What you will do: Write out, word for word, only the lines from the one with "in a storey), IfcRelDefinesByType, IfcRelAssociatesMaterial" to the end of the data below.
··· Records for this task ···
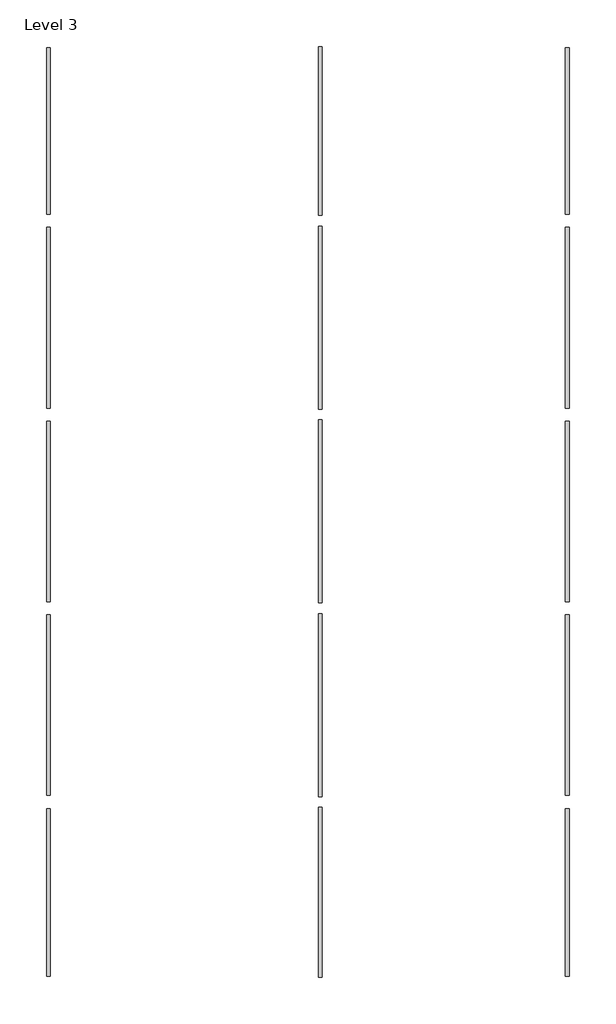
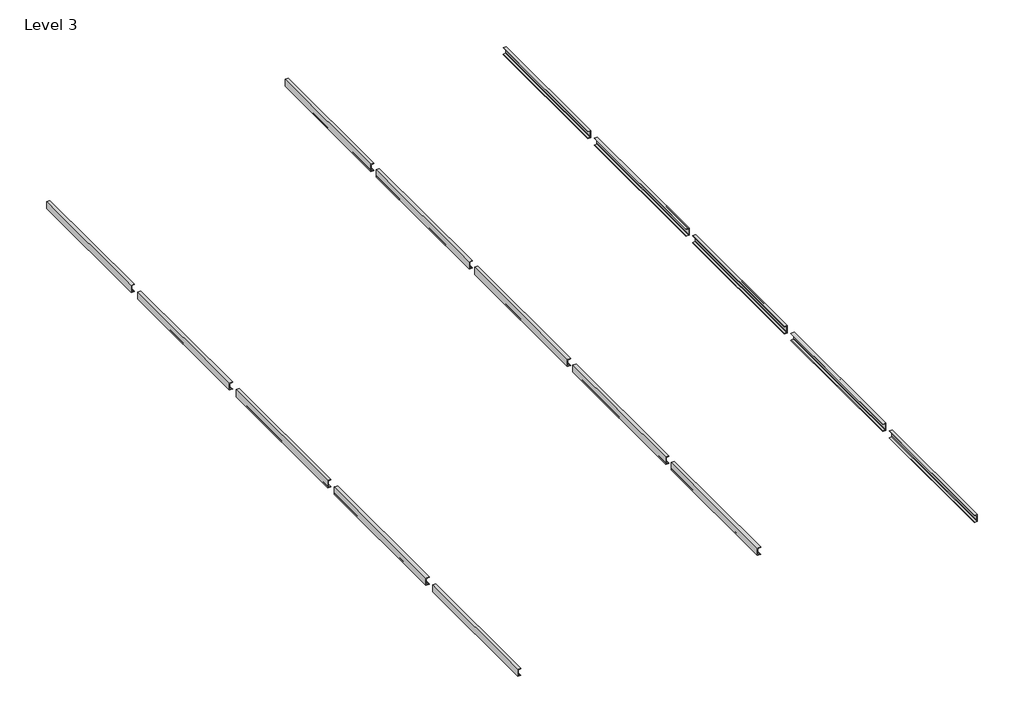
# One storey: 15 beams.
"""IFC4 building model written with IfcOpenShell, lengths in millimetres."""

import ifcopenshell
import ifcopenshell.guid

model = None  # the IFC model being written
_history = None  # IfcOwnerHistory: only IFC2X3 demands one
_inside = {}  # id of a spatial element -> (the spatial element, [elements in it])
_under = {}  # id of a project, library or spatial element -> (it, [spatial elements below it])
_declared = {}  # id of a project -> (the project, [libraries it declares])
_typed = {}  # id of a type object -> (the type object, [elements of that type])
_made_of = {}  # id of a material, layer set ... -> (it, [elements and type objects made of it])


def new_model(schema):
    """Start an empty IFC model of exactly this schema.

    Asked for "IFC4X3", IfcOpenShell would pick the latest addendum, in which some entities
    have other attributes; the version numbers below select the first issue.
    IFC2X3 requires an IfcOwnerHistory on every rooted entity: one is made here for all.
    """
    global model, _history
    if schema == "IFC4X3":
        model = ifcopenshell.file(schema_version=(4, 3, 0, 0))
    else:
        model = ifcopenshell.file(schema=schema)
    _inside.clear()
    _under.clear()
    _declared.clear()
    _typed.clear()
    _made_of.clear()
    _history = None
    if model.schema == "IFC2X3":
        org = make("IfcOrganization", Name="unknown")
        user = make(
            "IfcPersonAndOrganization",
            ThePerson=make("IfcPerson", FamilyName="unknown"),
            TheOrganization=org,
        )
        app = make(
            "IfcApplication",
            ApplicationDeveloper=org,
            Version="unknown",
            ApplicationFullName="unknown",
            ApplicationIdentifier="unknown",
        )
        _history = make(
            "IfcOwnerHistory",
            OwningUser=user,
            OwningApplication=app,
            ChangeAction="ADDED",
            CreationDate=0,
        )
    return model


def make(cls, **values):
    """One entity of the class cls with the attributes given. An attribute that is None is left unset."""
    return model.create_entity(
        cls, **{name: value for name, value in values.items() if value is not None}
    )


def rooted(cls, **values):
    """An entity with a GlobalId (a new one), such as an element, a storey or a relation."""
    return make(cls, GlobalId=ifcopenshell.guid.new(), OwnerHistory=_history, **values)


def si_unit(unit_type, name, prefix=None):
    """IfcSIUnit, for example si_unit("LENGTHUNIT", "METRE", prefix="MILLI")."""
    return make("IfcSIUnit", UnitType=unit_type, Prefix=prefix, Name=name)


def assignment(units):
    """IfcUnitAssignment: the units of a project."""
    return None if units is None else make("IfcUnitAssignment", Units=units)


def point(xyz):
    """IfcCartesianPoint."""
    return None if xyz is None else make("IfcCartesianPoint", Coordinates=xyz)


def direction(xyz):
    """IfcDirection."""
    return None if xyz is None else make("IfcDirection", DirectionRatios=xyz)


def frame(location, z_axis=None, x_axis=None):
    """IfcAxis2Placement3D, a coordinate frame: its origin and axes. An axis left out is left unset."""
    return make(
        "IfcAxis2Placement3D",
        Location=point(location),
        Axis=direction(z_axis),
        RefDirection=direction(x_axis),
    )


def frame_2d(location, x_axis=None):
    """IfcAxis2Placement2D, a coordinate frame in the plane: its origin and x axis."""
    return make(
        "IfcAxis2Placement2D", Location=point(location), RefDirection=direction(x_axis)
    )


def origin():
    """The frame at (0, 0, 0) with its axes left unset."""
    return frame((0.0, 0.0, 0.0))


def place(relative_to, where):
    """IfcLocalPlacement: puts the frame where relative to a parent placement (None: the world)."""
    return make(
        "IfcLocalPlacement", PlacementRelTo=relative_to, RelativePlacement=where
    )


def context(
    kind, dimensions, precision=None, world=None, true_north=None, identifier=None
):
    """IfcGeometricRepresentationContext, for example the 3D "Model" context."""
    return make(
        "IfcGeometricRepresentationContext",
        ContextIdentifier=identifier,
        ContextType=kind,
        CoordinateSpaceDimension=dimensions,
        Precision=precision,
        WorldCoordinateSystem=world,
        TrueNorth=true_north,
    )


def project(units=None, contexts=None):
    """IfcProject with its units and contexts."""
    return rooted(
        "IfcProject",
        Name="project",
        RepresentationContexts=contexts,
        UnitsInContext=assignment(units),
    )


def spatial(cls, under=None, at=None, **own):
    """A site, building, storey or space (cls), placed at a placement, below another one or the project."""
    s = rooted(cls, ObjectPlacement=at, **own)
    if under is not None:
        _under.setdefault(under.id(), (under, []))[1].append(s)
    return s


def polyline(points):
    """IfcPolyline through the points."""
    return make("IfcPolyline", Points=[point(p) for p in points])


def circle_curve(where, radius):
    """IfcCircle in the frame where."""
    return make("IfcCircle", Position=where, Radius=radius)


def trimmed(basis, trim1, trim2, sense, master):
    """IfcTrimmedCurve: the piece of a basis curve between two trims."""
    return make(
        "IfcTrimmedCurve",
        BasisCurve=basis,
        Trim1=trim1,
        Trim2=trim2,
        SenseAgreement=sense,
        MasterRepresentation=master,
    )


def segment(curve, same_sense, transition):
    """IfcCompositeCurveSegment."""
    return make(
        "IfcCompositeCurveSegment",
        Transition=transition,
        SameSense=same_sense,
        ParentCurve=curve,
    )


def composite_curve(segments, self_intersect=None):
    """IfcCompositeCurve: segments joined end to end."""
    return make("IfcCompositeCurve", Segments=segments, SelfIntersect=self_intersect)


def outline(outer, holes=None, kind="AREA"):
    """IfcArbitraryClosedProfileDef: a profile drawn as a closed curve; with holes, ...WithVoids."""
    if holes is None:
        return make("IfcArbitraryClosedProfileDef", ProfileType=kind, OuterCurve=outer)
    return make(
        "IfcArbitraryProfileDefWithVoids",
        ProfileType=kind,
        OuterCurve=outer,
        InnerCurves=holes,
    )


def extrude(swept, where, along, depth):
    """IfcExtrudedAreaSolid: the profile swept, set in the frame where, extruded along a direction by depth."""
    return make(
        "IfcExtrudedAreaSolid",
        SweptArea=swept,
        Position=where,
        ExtrudedDirection=direction(along),
        Depth=depth,
    )


def shape(context_of_items, identifier, shape_type, items):
    """IfcShapeRepresentation: the items that make up one representation, for example the "Body"."""
    return make(
        "IfcShapeRepresentation",
        ContextOfItems=context_of_items,
        RepresentationIdentifier=identifier,
        RepresentationType=shape_type,
        Items=items,
    )


def source(mapping_origin, context_of_items, identifier, shape_type, items):
    """IfcRepresentationMap: a shape defined once, which mapped items show again and again."""
    return make(
        "IfcRepresentationMap",
        MappingOrigin=mapping_origin,
        MappedRepresentation=shape(context_of_items, identifier, shape_type, items),
    )


def transform(
    local_origin,
    x_axis=None,
    y_axis=None,
    z_axis=None,
    scale=None,
    scale2=None,
    scale3=None,
    uniform=True,
):
    """IfcCartesianTransformationOperator3D, or its non-uniform kind. x_axis, y_axis, z_axis: its Axis1, 2, 3."""
    if uniform:
        return make(
            "IfcCartesianTransformationOperator3D",
            Axis1=direction(x_axis),
            Axis2=direction(y_axis),
            LocalOrigin=point(local_origin),
            Scale=scale,
            Axis3=direction(z_axis),
        )
    return make(
        "IfcCartesianTransformationOperator3DnonUniform",
        Axis1=direction(x_axis),
        Axis2=direction(y_axis),
        LocalOrigin=point(local_origin),
        Scale=scale,
        Axis3=direction(z_axis),
        Scale2=scale2,
        Scale3=scale3,
    )


def mapped(mapping_source, mapping_target):
    """IfcMappedItem: shows the shape of a source again, moved by a transform."""
    return make(
        "IfcMappedItem", MappingSource=mapping_source, MappingTarget=mapping_target
    )


def made_of(thing, what):
    """Note that an element or type object is made of a material, layer set ...; save() writes the relation."""
    if what is not None:
        _made_of.setdefault(what.id(), (what, []))[1].append(thing)
    return thing


def element(
    cls,
    number,
    at=None,
    inside=None,
    cuts=None,
    type_object=None,
    material=None,
    context=None,
    identifier="Body",
    shape_type=None,
    held_by="IfcProductDefinitionShape",
    body=None,
    shapes=None,
    **own,
):
    """One element of the class cls, such as IfcWall. Its Tag is "e" and its number.

    at: its placement. inside: the storey or other place that contains it. cuts: it is an
    opening in that element (IfcRelVoidsElement). A single representation is given by context,
    identifier, shape_type and body (its items); several are given by shapes. held_by: the class
    of the entity that holds the representations. save() writes the other relations.
    """
    e = rooted(cls, Tag="e%d" % number, ObjectPlacement=at, **own)
    if body is not None:
        shapes = [shape(context, identifier, shape_type, body)]
    if shapes is not None:
        e.Representation = make(held_by, Representations=shapes)
    if inside is not None:
        _inside.setdefault(inside.id(), (inside, []))[1].append(e)
    if cuts is not None:
        rooted(
            "IfcRelVoidsElement", RelatingBuildingElement=cuts, RelatedOpeningElement=e
        )
    if type_object is not None:
        _typed.setdefault(type_object.id(), (type_object, []))[1].append(e)
    return made_of(e, material)


def aggregate(whole, parts):
    """IfcRelAggregates: a whole, such as a stair, and the parts it consists of."""
    return rooted("IfcRelAggregates", RelatingObject=whole, RelatedObjects=parts)


def save(model, path):
    """Write the relations noted so far, then the file.

    IfcRelAggregates (storeys below a building ...), IfcRelContainedInSpatialStructure (elements
    in a storey), IfcRelDefinesByType, IfcRelAssociatesMaterial and IfcRelDeclares: one each for
    every whole, place, type object, material and project.
    """
    for whole, parts in _under.values():
        aggregate(whole, parts)
    for where, things in _inside.values():
        rooted(
            "IfcRelContainedInSpatialStructure",
            RelatedElements=things,
            RelatingStructure=where,
        )
    for kind, things in _typed.values():
        rooted("IfcRelDefinesByType", RelatedObjects=things, RelatingType=kind)
    for what, things in _made_of.values():
        rooted("IfcRelAssociatesMaterial", RelatedObjects=things, RelatingMaterial=what)
    for by, libraries in _declared.values():
        rooted("IfcRelDeclares", RelatingContext=by, RelatedDefinitions=libraries)
    model.write(path)


def c_shapes_c4x6_25_9ff4ea91(model_context):
    return source(origin(), model_context, "Body", "SweptSolid", [
        extrude(outline(composite_curve([segment(polyline([(11.049, 50.8), (11.049, -50.8), (-30.861, -50.8), (-30.861, -49.7865772)]), True, "CONTINUOUS"), segment(trimmed(circle_curve(frame_2d((-27.4066, -49.7865772)), 3.4544), [point((-30.861, -49.7865772))], [point((-27.9743618, -46.379155))], False, "CARTESIAN"), True, "CONTINUOUS"), segment(polyline([(-27.9743618, -46.379155), (-0.9980765, -41.8842311)]), True, "CONTINUOUS"), segment(trimmed(circle_curve(frame_2d((-2.1336, -35.0693868)), 6.9088), [point((-0.9980765, -41.8842311))], [point((4.7752, -35.0693868))], True, "CARTESIAN"), True, "CONTINUOUS"), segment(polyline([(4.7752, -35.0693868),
···
Solution:
    in a storey), IfcRelDefinesByType, IfcRelAssociatesMaterial and IfcRelDeclares: one each for
    every whole, place, type object, material and project.
    """
    for whole, parts in _under.values():
        aggregate(whole, parts)
    for where, things in _inside.values():
        rooted(
            "IfcRelContainedInSpatialStructure",
            RelatedElements=things,
            RelatingStructure=where,
        )
    for kind, things in _typed.values():
        rooted("IfcRelDefinesByType", RelatedObjects=things, RelatingType=kind)
    for what, things in _made_of.values():
        rooted("IfcRelAssociatesMaterial", RelatedObjects=things, RelatingMaterial=what)
    for by, libraries in _declared.values():
        rooted("IfcRelDeclares", RelatingContext=by, RelatedDefinitions=libraries)
    model.write(path)


def c_shapes_c4x6_25_9ff4ea91(model_context):
    return source(origin(), model_context, "Body", "SweptSolid", [
        extrude(outline(composite_curve([segment(polyline([(11.049, 50.8), (11.049, -50.8), (-30.861, -50.8), (-30.861, -49.7865772)]), True, "CONTINUOUS"), segment(trimmed(circle_curve(frame_2d((-27.4066, -49.7865772)), 3.4544), [point((-30.861, -49.7865772))], [point((-27.9743618, -46.379155))], False, "CARTESIAN"), True, "CONTINUOUS"), segment(polyline([(-27.9743618, -46.379155), (-0.9980765, -41.8842311)]), True, "CONTINUOUS"), segment(trimmed(circle_curve(frame_2d((-2.1336, -35.0693868)), 6.9088), [point((-0.9980765, -41.8842311))], [point((4.7752, -35.0693868))], True, "CARTESIAN"), True, "CONTINUOUS"), segment(polyline([(4.7752, -35.0693868),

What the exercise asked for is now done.